In src/db2ia/dbstmt.cc, the BLOB/BINARY/VARBINARY branches of bindParams set param[i].buf directly to the result of buffer.Data() — a pointer into V8-owned heap — then pass that pointer to SQLBindParameter with BufferLength = 0:

  • 1-D bindParameters path: lines ~2722–2745
  • 2-D legacy bindParam path: lines ~2653–2663

Because 1-D bindParameters also binds every parameter as SQL_PARAM_INPUT_OUTPUT (line ~2673), CLI treats the caller's Buffer as an output location and writes back through it after execute. CLI does not honour BufferLength for binary types, so the write-back extent is bounded only by the declared column size — which for a BLOB(256M) column is vastly larger than any realistic input Buffer.

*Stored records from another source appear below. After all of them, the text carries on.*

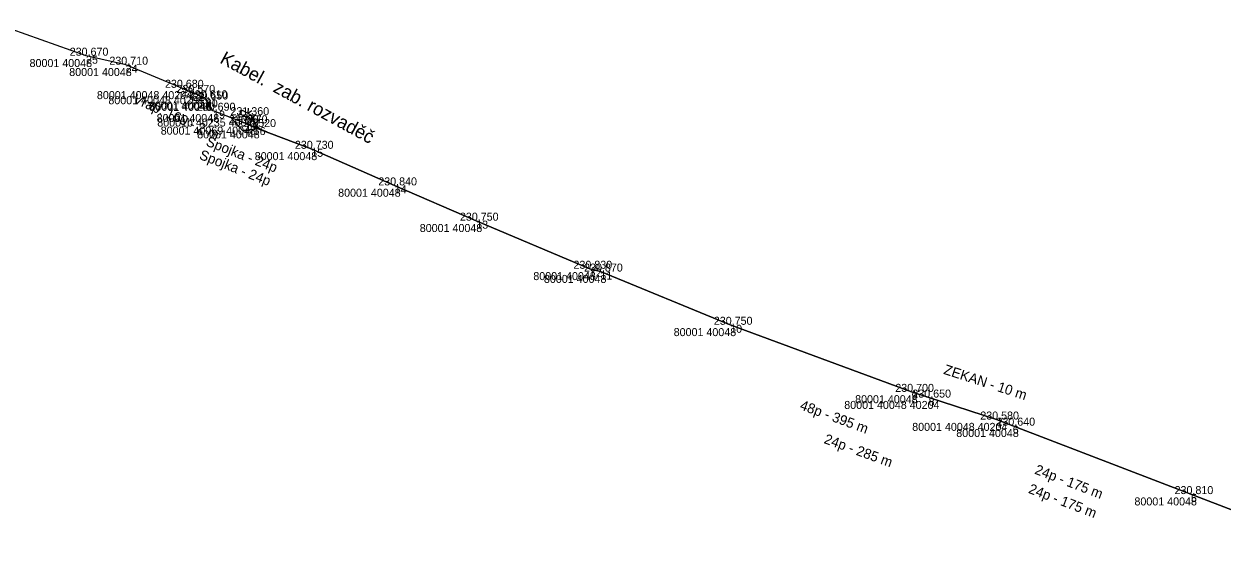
# Model space of a CAD drawing. Extents: x -771675 to -771031, y -1050148 to -1049817.
# Drawn here: x -771414.2 to -771234.6, y -1050072.8 to -1049994.2 of the extents above; entities that cross this region are included whole.
import ezdxf

# ---------------------------------------------------------------- set-up
doc = ezdxf.new("R2010")
doc.units = 0
for name, color, linetype in [('Vrstva 27', 7, 'Continuous'), ('Vrstva 28', 7, 'Continuous'), ('Vrstva 35', 7, 'Continuous'), ('Vrstva 60', 7, 'Continuous'), ('Vrstva 61', 7, 'Continuous'), ('Vrstva 62', 7, 'Continuous')]:
    doc.layers.add(name, color=color, linetype=linetype)

msp = doc.modelspace()

# ---------------------------------------------------------------- linework, layer by layer
at = {"layer": 'Vrstva 27'}
msp.add_line((-771381.55, -1050007.16), (-771381.54, -1050007.15), dxfattribs=at)
msp.add_lwpolyline([(-771381.55, -1050007.15), (-771379.79, -1050008.1), (-771380.11, -1050008.69), (-771381.87, -1050007.74)], close=True, dxfattribs=at)
msp.add_lwpolyline([(-771380.65, -1050006.88), (-771380.67, -1050007.63), (-771380.06, -1050007.2)], dxfattribs=at)
at = {"layer": 'Vrstva 28'}
for p, q in [((-771377.82, -1050010.42), (-771384.32, -1050007.86)), ((-771377.82, -1050010.42), (-771384.32, -1050007.86)), ((-771383.24, -1050008.29), (-771380.64, -1050008.06)), ((-771383.24, -1050008.29), (-771380.64, -1050008.06)), ((-771380.64, -1050008.06), (-771378.9, -1050009.99)), ((-771380.64, -1050008.06), (-771378.9, -1050009.99)), ((-771381.5, -1050010.22), (-771383.24, -1050008.29)), ((-771381.5, -1050010.22), (-771383.24, -1050008.29)), ((-771378.9, -1050009.99), (-771381.5, -1050010.22)), ((-771378.9, -1050009.99), (-771381.5, -1050010.22))]:
    msp.add_line(p, q, dxfattribs=at)
for points in [[(-771381.07, -1050009.14), (-771385.88, -1050007.25), (-771386.97, -1050005.57), (-771387.07, -1050005.38), (-771388.93, -1050004.58), (-771390.65, -1050003.81), (-771398.99, -1050000.35), (-771404.94, -1049999), (-771418.45, -1049994.24)], [(-771381.07, -1050009.14), (-771385.88, -1050007.25), (-771386.97, -1050005.57), (-771387.07, -1050005.38), (-771388.93, -1050004.58), (-771390.65, -1050003.81), (-771398.99, -1050000.35), (-771404.94, -1049999), (-771418.45, -1049994.24)], [(-771380.83, -1050007.92), (-771381.07, -1050009.14), (-771379.8, -1050009.7), (-771371.17, -1050012.96), (-771358.66, -1050018.45), (-771346.42, -1050023.74), (-771329.39, -1050030.95), (-771327.8, -1050031.37), (-771308.34, -1050039.35), (-771281.13, -1050049.41), (-771278.57, -1050050.27), (-771268.38, -1050053.56), (-771265.96, -1050054.48), (-771239.24, -1050064.74), (-771224.8, -1050070.31)], [(-771224.8, -1050070.31), (-771239.24, -1050064.74), (-771265.96, -1050054.48), (-771268.38, -1050053.56), (-771278.57, -1050050.27), (-771281.13, -1050049.41), (-771308.34, -1050039.35), (-771327.8, -1050031.37), (-771329.39, -1050030.95), (-771346.42, -1050023.74), (-771358.66, -1050018.45), (-771371.17, -1050012.96), (-771379.8, -1050009.7), (-771381.07, -1050009.14)], [(-771381.07, -1050009.14), (-771379.8, -1050009.7), (-771371.17, -1050012.96), (-771358.66, -1050018.45), (-771346.42, -1050023.74), (-771329.39, -1050030.95), (-771327.8, -1050031.37), (-771308.34, -1050039.35), (-771281.13, -1050049.41), (-771278.57, -1050050.27), (-771268.38, -1050053.56), (-771265.96, -1050054.48), (-771239.24, -1050064.74), (-771224.8, -1050070.31), (-771218.18, -1050072.83)]]:
    msp.add_lwpolyline(points, dxfattribs=at)
at = {"layer": 'Vrstva 35'}
for p, q in [((-771390.65, -1050003.81), (-771388.93, -1050004.58)), ((-771268.38, -1050053.56), (-771278.57, -1050050.27))]:
    msp.add_line(p, q, dxfattribs=at)
at = {"layer": 'Vrstva 60'}
for p, q in [((-771404.94, -1049999), (-771404.94, -1049999)), ((-771398.99, -1050000.35), (-771398.99, -1050000.35)), ((-771390.65, -1050003.81), (-771390.65, -1050003.81)), ((-771388.93, -1050004.58), (-771388.93, -1050004.58)), ((-771387.07, -1050005.38), (-771387.07, -1050005.38)), ((-771386.97, -1050005.57), (-771386.97, -1050005.57)), ((-771385.88, -1050007.25), (-771385.88, -1050007.25)), ((-771380.83, -1050007.92), (-771380.83, -1050007.92)), ((-771381.07, -1050009.14), (-771381.07, -1050009.14)), ((-771379.8, -1050009.7), (-771379.8, -1050009.7)), ((-771371.17, -1050012.96), (-771371.17, -1050012.96)), ((-771358.66, -1050018.45), (-771358.66, -1050018.45)), ((-771346.42, -1050023.74), (-771346.42, -1050023.74)), ((-771329.39, -1050030.95), (-771329.39, -1050030.95)), ((-771327.8, -1050031.37), (-771327.8, -1050031.37)), ((-771308.34, -1050039.35), (-771308.34, -1050039.35)), ((-771281.13, -1050049.41), (-771281.13, -1050049.41)), ((-771278.57, -1050050.27), (-771278.57, -1050050.27)), ((-771268.38, -1050053.56), (-771268.38, -1050053.56)), ((-771265.96, -1050054.48), (-771265.96, -1050054.48)), ((-771239.24, -1050064.74), (-771239.24, -1050064.74))]:
    msp.add_line(p, q, dxfattribs=at)

# ---------------------------------------------------------------- texts
at = {"layer": 'Vrstva 27'}
msp.add_text('Kabel.  zab. rozvaděč', height=2, rotation=331.4945, dxfattribs=at).set_placement((-771385, -1050000))
at = {"layer": 'Vrstva 28'}
for s, rotation, p in [('Spojka - 24p', 338.5486, (-771387.08, -1050012.44)), ('Spojka - 24p', 338.5486, (-771388.08, -1050014.44)), ('48p - 395 m', 339.7098, (-771298, -1050052)), ('24p - 285 m', 339.9462, (-771294.38, -1050057.07)), ('24p - 175 m', 338.9941, (-771262.79, -1050061.65)), ('24p - 175 m', 338.9941, (-771263.72, -1050064.53))]:
    msp.add_text(s, height=1.5, rotation=rotation, dxfattribs=at).set_placement(p)
at = {"layer": 'Vrstva 35'}
for s, rotation, p in [('Vrap. 160 - 2 m', 335.8832, (-771398, -1050006)), ('ZEKAN - 10 m', 342.1065, (-771276.44, -1050046.69))]:
    msp.add_text(s, height=1.5, rotation=rotation, dxfattribs=at).set_placement(p)
at = {"layer": 'Vrstva 60'}
for s, p in [('25', (-771404.94, -1050000.2)), ('24', (-771398.99, -1050001.55)), ('23', (-771390.65, -1050005.01)), ('22', (-771388.93, -1050005.78)), ('21', (-771387.07, -1050006.58)), ('20', (-771386.97, -1050006.77)), ('19', (-771385.88, -1050008.45)), ('89', (-771380.83, -1050009.12)), ('17', (-771381.07, -1050010.34)), ('16', (-771379.8, -1050010.9)), ('15', (-771371.17, -1050014.16)), ('14', (-771358.66, -1050019.65)), ('13', (-771346.42, -1050024.94)), ('12', (-771329.39, -1050032.15)), ('11', (-771327.8, -1050032.57)), ('10', (-771308.34, -1050040.55)), ('9', (-771281.13, -1050050.61)), ('8', (-771278.57, -1050051.47)), ('7', (-771268.38, -1050054.76)), ('6', (-771265.96, -1050055.68)), ('5', (-771239.24, -1050065.94))]:
    msp.add_text(s, height=1.2, dxfattribs=at).set_placement(p)
at = {"layer": 'Vrstva 61'}
for s, p in [('230.670', (-771407.39, -1049999)), ('230.710', (-771401.44, -1050000.35)), ('230.680', (-771393.1, -1050003.81)), ('230.570', (-771391.38, -1050004.58)), ('230.610', (-771389.52, -1050005.38)), ('230.650', (-771389.42, -1050005.57)), ('230.690', (-771388.33, -1050007.25)), ('230.470', (-771383.52, -1050009.14)), ('231.360', (-771383.28, -1050007.92)), ('230.520', (-771382.25, -1050009.7)), ('230.730', (-771373.62, -1050012.96)), ('230.840', (-771361.11, -1050018.45)), ('230.750', (-771348.87, -1050023.74)), ('230.830', (-771331.84, -1050030.95)), ('230.870', (-771330.25, -1050031.37)), ('230.750', (-771310.79, -1050039.35)), ('230.700', (-771283.58, -1050049.41)), ('230.650', (-771281.02, -1050050.27)), ('230.580', (-771270.83, -1050053.56)), ('230.640', (-771268.41, -1050054.48)), ('230.810', (-771241.69, -1050064.74))]:
    msp.add_text(s, height=1.2, dxfattribs=at).set_placement(p)
at = {"layer": 'Vrstva 62'}
for s, p in [('80001 40048', (-771413.41, -1050000.7)), ('80001 40048', (-771407.46, -1050002.05)), ('80001 40048 40204', (-771403.31, -1050005.51)), ('80001 40048 40204', (-771401.59, -1050006.28)), ('80001 40048', (-771395.54, -1050007.08)), ('80001 40048', (-771395.44, -1050007.27)), ('80001 40048', (-771394.35, -1050008.95)), ('80001b 40235 40048', (-771394.26, -1050009.62)), ('80001 40069 40048', (-771393.74, -1050010.84)), ('80001 40048', (-771388.27, -1050011.4)), ('80001 40048', (-771379.64, -1050014.66)), ('80001 40048', (-771367.13, -1050020.15)), ('80001 40048', (-771354.89, -1050025.44)), ('80001 40048', (-771337.86, -1050032.65)), ('80001 40048', (-771336.27, -1050033.07)), ('80001 40048', (-771316.81, -1050041.05)), ('80001 40048 40204', (-771291.23, -1050051.97)), ('80001 40048', (-771289.6, -1050051.11)), ('80001 40048 40204', (-771281.04, -1050055.26)), ('80001 40048', (-771274.43, -1050056.18)), ('80001 40048', (-771247.71, -1050066.44))]:
    msp.add_text(s, height=1.2, dxfattribs=at).set_placement(p)

doc.saveas('drawing.dxf')

The CHAR / CLOB branches at lines ~2747–2790 already handle this correctly: they calloc an owned buffer sized to max(paramSize, inputLen) and strcpy the input in. The binary branches do not, and that is the defect.

Secondary consequence: because param[i].buf is set to a non-malloc'd pointer, the subsequent free(param[i].buf) in freeSp() (line ~2527) is undefined behaviour — a latent corruption source on top of the write-back bug.

Affects any caller binding a Buffer to a binary SQL type:

  • bindParameters(...) / bindParametersSync(...) (1-D) — BLOB, BINARY, VARBINARY
  • bindParam(...) / bindParamSync(...) (2-D) — with [buffer, IN, BLOB] or [buffer, IN, BINARY]

Downstream projects (idb-pconnector and anything using it) inherit the bug.

Proposed approach

Copy the caller's Buffer into an owned allocation sized for the declared column before binding, matching the CHAR/CLOB pattern. Happy to send a PR once this issue is triaged.